Jewish Home Passes New Constitution

September 10, 2014  

The Jewish Home Party voted on a new constitution at Tel Aviv University Wednesday, amidst a controversy over political control that may see a split over what some claim are different values. 

Tensions over the vote ran high, as a clash broke out between MK Moti Yogev and a security guard after Yogev requested that the secret ballots be counted to protect against vote tampering. 

The constitution eventually passed, however, after a compromise was struck between Chairman Naftali Bennett and the proposal’s opponents. 

Bennett wants the Jewish Home’s list to include secular candidates and people who will appeal to the Russian-speaking and Druze sectors, among others.

The new constitution will allow Bennett to fill every fifth spot on the party’s Knesset list with an external candidate based on his own discretion. It will give him the power to cancel for candidates of his choosing the 2.5 year membership qualification period to be on the party list, and let him select all placements for Knesset executive positions and ministerial posts. The party’s central committee will be limited to approving the choices and not making them, as it currently does.

However, under the new compromise conditions set after a heated confrontation between opponents and supporters of the new deal, the constitution will be made open to amendments in another 3-5 months, and be will slated for review under the supervision of Rabbi Yitzhak Levy. 

The opponents – except for MKs Moti Yogev and Yoni Chetboun – had also agreed to drop the demand for secret ballots regarding the vote. 

Widening scope

Both critics and opponents of the move note that the change would see the party open itself to candidates, and representation, outside the Religious-Zionist sector and reach more of the general Israeli population – a change not unwanted by most of the party’s Knesset MKs.

A recent survey revealed that, if elections were to be held today, Jewish Home would take a record 19 seats in the Knesset, becoming the second-most powerful party in the coalition; were the party to widen its audience, that power would only increase. 

Opponents of the new constitution, however, argue that the proposal gives Bennett himself too much power over party politics – and that the change could see a compromise in the party’s “100% Religious-Zionist” values. 

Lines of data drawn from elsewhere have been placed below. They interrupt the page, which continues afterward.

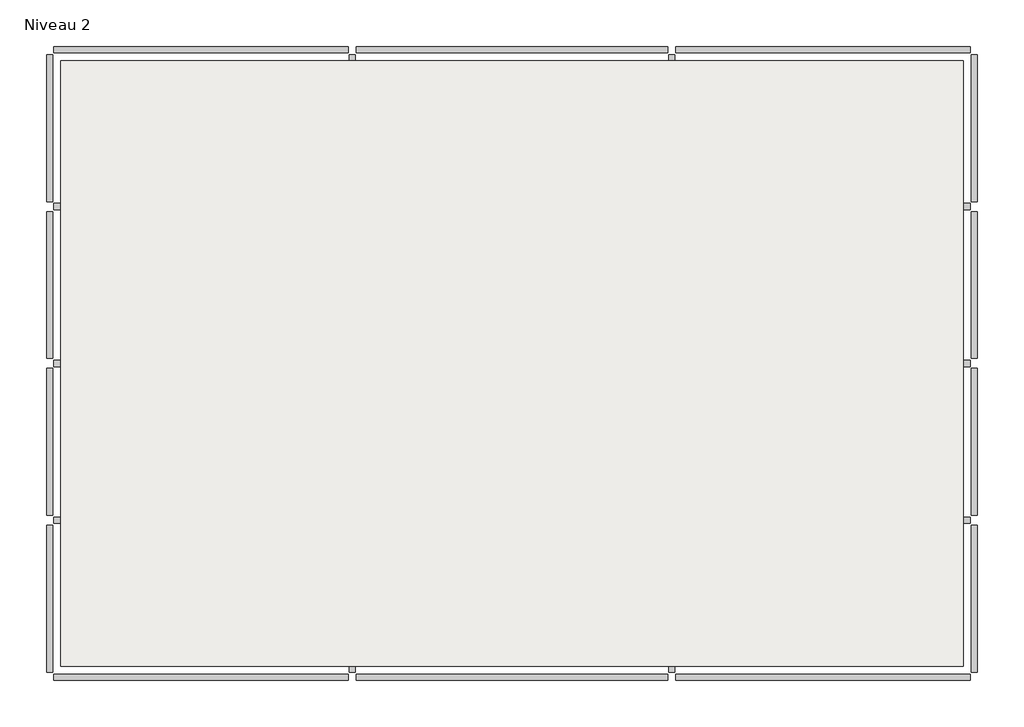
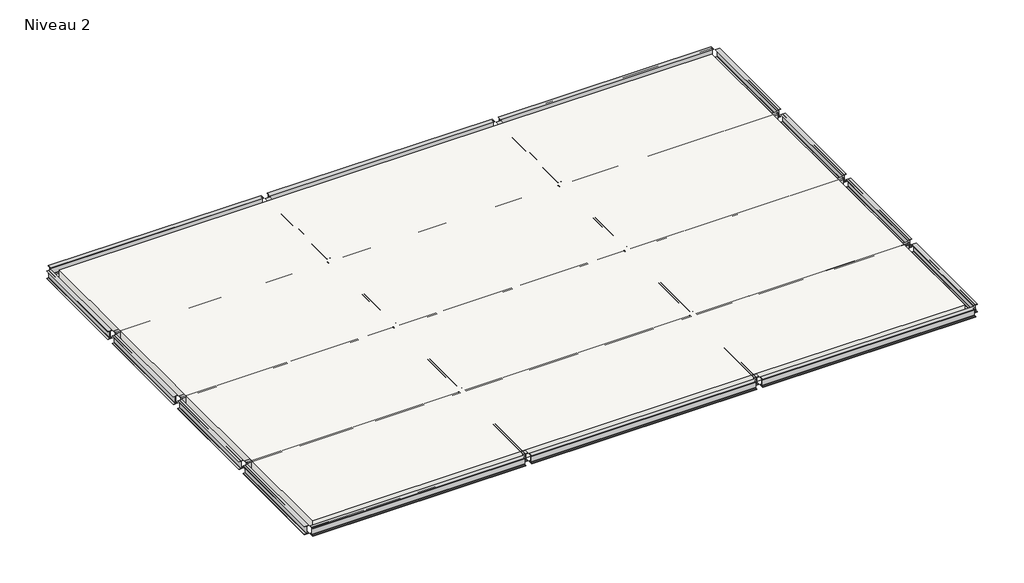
# One storey: 31 beams, 1 slab.
"""IFC4 building model written with IfcOpenShell, lengths in millimetres."""

import ifcopenshell
import ifcopenshell.guid

model = None  # the IFC model being written
_history = None  # IfcOwnerHistory: only IFC2X3 demands one
_inside = {}  # id of a spatial element -> (the spatial element, [elements in it])
_under = {}  # id of a project, library or spatial element -> (it, [spatial elements below it])
_declared = {}  # id of a project -> (the project, [libraries it declares])
_typed = {}  # id of a type object -> (the type object, [elements of that type])
_made_of = {}  # id of a material, layer set ... -> (it, [elements and type objects made of it])


def new_model(schema):
    """Start an empty IFC model of exactly this schema.

    Asked for "IFC4X3", IfcOpenShell would pick the latest addendum, in which some entities
    have other attributes; the version numbers below select the first issue.
    IFC2X3 requires an IfcOwnerHistory on every rooted entity: one is made here for all.
    """
    global model, _history
    if schema == "IFC4X3":
        model = ifcopenshell.file(schema_version=(4, 3, 0, 0))
    else:
        model = ifcopenshell.file(schema=schema)
    _inside.clear()
    _under.clear()
    _declared.clear()
    _typed.clear()
    _made_of.clear()
    _history = None
    if model.schema == "IFC2X3":
        org = make("IfcOrganization", Name="unknown")
        user = make(
            "IfcPersonAndOrganization",
            ThePerson=make("IfcPerson", FamilyName="unknown"),
            TheOrganization=org,
        )
        app = make(
            "IfcApplication",
            ApplicationDeveloper=org,
            Version="unknown",
            ApplicationFullName="unknown",
            ApplicationIdentifier="unknown",
        )
        _history = make(
            "IfcOwnerHistory",
            OwningUser=user,
            OwningApplication=app,
            ChangeAction="ADDED",
            CreationDate=0,
        )
    return model


def make(cls, **values):
    """One entity of the class cls with the attributes given. An attribute that is None is left unset."""
    return model.create_entity(
        cls, **{name: value for name, value in values.items() if value is not None}
    )


def rooted(cls, **values):
    """An entity with a GlobalId (a new one), such as an element, a storey or a relation."""
    return make(cls, GlobalId=ifcopenshell.guid.new(), OwnerHistory=_history, **values)


def si_unit(unit_type, name, prefix=None):
    """IfcSIUnit, for example si_unit("LENGTHUNIT", "METRE", prefix="MILLI")."""
    return make("IfcSIUnit", UnitType=unit_type, Prefix=prefix, Name=name)


def assignment(units):
    """IfcUnitAssignment: the units of a project."""
    return None if units is None else make("IfcUnitAssignment", Units=units)


def point(xyz):
    """IfcCartesianPoint."""
    return None if xyz is None else make("IfcCartesianPoint", Coordinates=xyz)


def direction(xyz):
    """IfcDirection."""
    return None if xyz is None else make("IfcDirection", DirectionRatios=xyz)


def frame(location, z_axis=None, x_axis=None):
    """IfcAxis2Placement3D, a coordinate frame: its origin and axes. An axis left out is left unset."""
    return make(
        "IfcAxis2Placement3D",
        Location=point(location),
        Axis=direction(z_axis),
        RefDirection=direction(x_axis),
    )


def frame_2d(location, x_axis=None):
    """IfcAxis2Placement2D, a coordinate frame in the plane: its origin and x axis."""
    return make(
        "IfcAxis2Placement2D", Location=point(location), RefDirection=direction(x_axis)
    )


def origin():
    """The frame at (0, 0, 0) with its axes left unset."""
    return frame((0.0, 0.0, 0.0))


def place(relative_to, where):
    """IfcLocalPlacement: puts the frame where relative to a parent placement (None: the world)."""
    return make(
        "IfcLocalPlacement", PlacementRelTo=relative_to, RelativePlacement=where
    )


def context(
    kind, dimensions, precision=None, world=None, true_north=None, identifier=None
):
    """IfcGeometricRepresentationContext, for example the 3D "Model" context."""
    return make(
        "IfcGeometricRepresentationContext",
        ContextIdentifier=identifier,
        ContextType=kind,
        CoordinateSpaceDimension=dimensions,
        Precision=precision,
        WorldCoordinateSystem=world,
        TrueNorth=true_north,
    )


def project(units=None, contexts=None):
    """IfcProject with its units and contexts."""
    return rooted(
        "IfcProject",
        Name="project",
        RepresentationContexts=contexts,
        UnitsInContext=assignment(units),
    )


def spatial(cls, under=None, at=None, **own):
    """A site, building, storey or space (cls), placed at a placement, below another one or the project."""
    s = rooted(cls, ObjectPlacement=at, **own)
    if under is not None:
        _under.setdefault(under.id(), (under, []))[1].append(s)
    return s


def polyline(points):
    """IfcPolyline through the points."""
    return make("IfcPolyline", Points=[point(p) for p in points])


def circle_curve(where, radius):
    """IfcCircle in the frame where."""
    return make("IfcCircle", Position=where, Radius=radius)


def trimmed(basis, trim1, trim2, sense, master):
    """IfcTrimmedCurve: the piece of a basis curve between two trims."""
    return make(
        "IfcTrimmedCurve",
        BasisCurve=basis,
        Trim1=trim1,
        Trim2=trim2,
        SenseAgreement=sense,
        MasterRepresentation=master,
    )


def segment(curve, same_sense, transition):
    """IfcCompositeCurveSegment."""
    return make(
        "IfcCompositeCurveSegment",
        Transition=transition,
        SameSense=same_sense,
        ParentCurve=curve,
    )


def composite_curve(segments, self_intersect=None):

Housing Minister Uri Ariel has warned that the issue, if remained unresolved, could cause a potential split, torpedoing the Religious-Zionist vote for future Knesset coalitions in the event the vote becomes fragmented.

Despite this, Bennett has vowed to keep the party united – no matter the vote’s results – and proponents of the initiative note that the party’s religious Zionist ideology is enshrined in the constitution anyway.